As generative AI–powered search gains momentum in APAC, users will increasingly spend time engaging in entire conversations and research queries with AI-driven chats, without the need to navigate multiple sites and articles. A single query could also result in related information and content that may well include suggestions and recommendations, making the consumer search journey quicker and more efficient.
Given this shift to a more intelligent future of search, how can marketers stay ahead, maximising the opportunities and minimising the risks? If anything, this evolution underscores the need for lots of quality content, be it text, images or videos. It will also be even more important to ensure that paid, owned, and earned content is integrated, as the AI-powered search engines work to process and consolidate everything about the brand, including advertising, reviews, and articles, into a single integrated experience.

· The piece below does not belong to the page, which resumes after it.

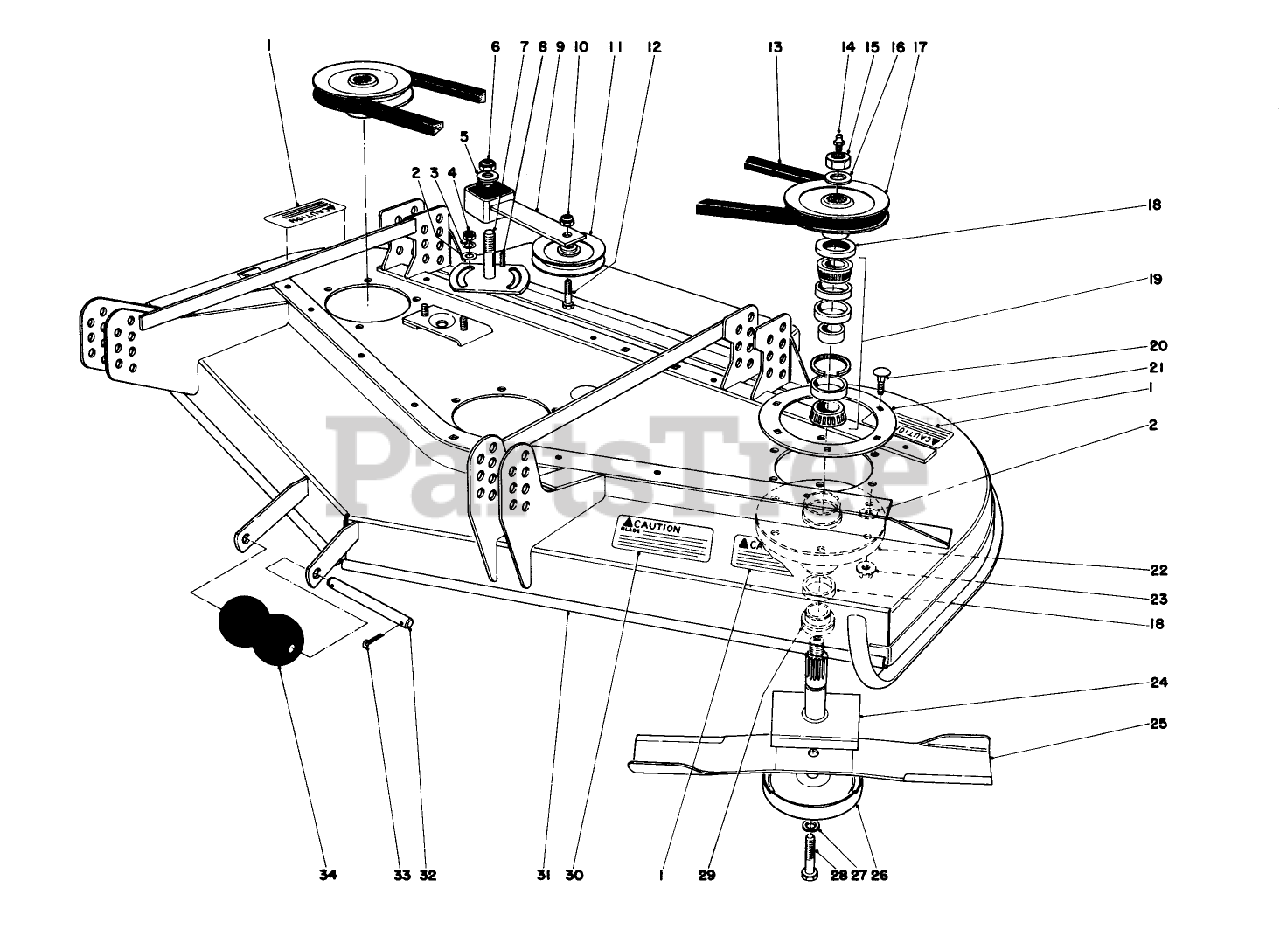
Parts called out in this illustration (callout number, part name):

Moreover, aggregating research and comparison information into a single source means that marketers will have to place greater emphasis on the authenticity of their content. To achieve that, brands need to better understand where they have a right to win, so as to build content authority and distinctiveness there, given that the AI algorithms in the search engines will present a form of opinion to the consumer.
As well, the danger of AI optimising content such that all results sound the same is very real, and therefore, ensuring a point of difference for the brand will be important. With generative AI here to stay, and as the premise of paid search evolves, marketers must pay even more attention to SEO and content optimisation to deliver an optimal brand experience to consumers.
Sharon Soh is the chief planning and audience officer for UM APAC.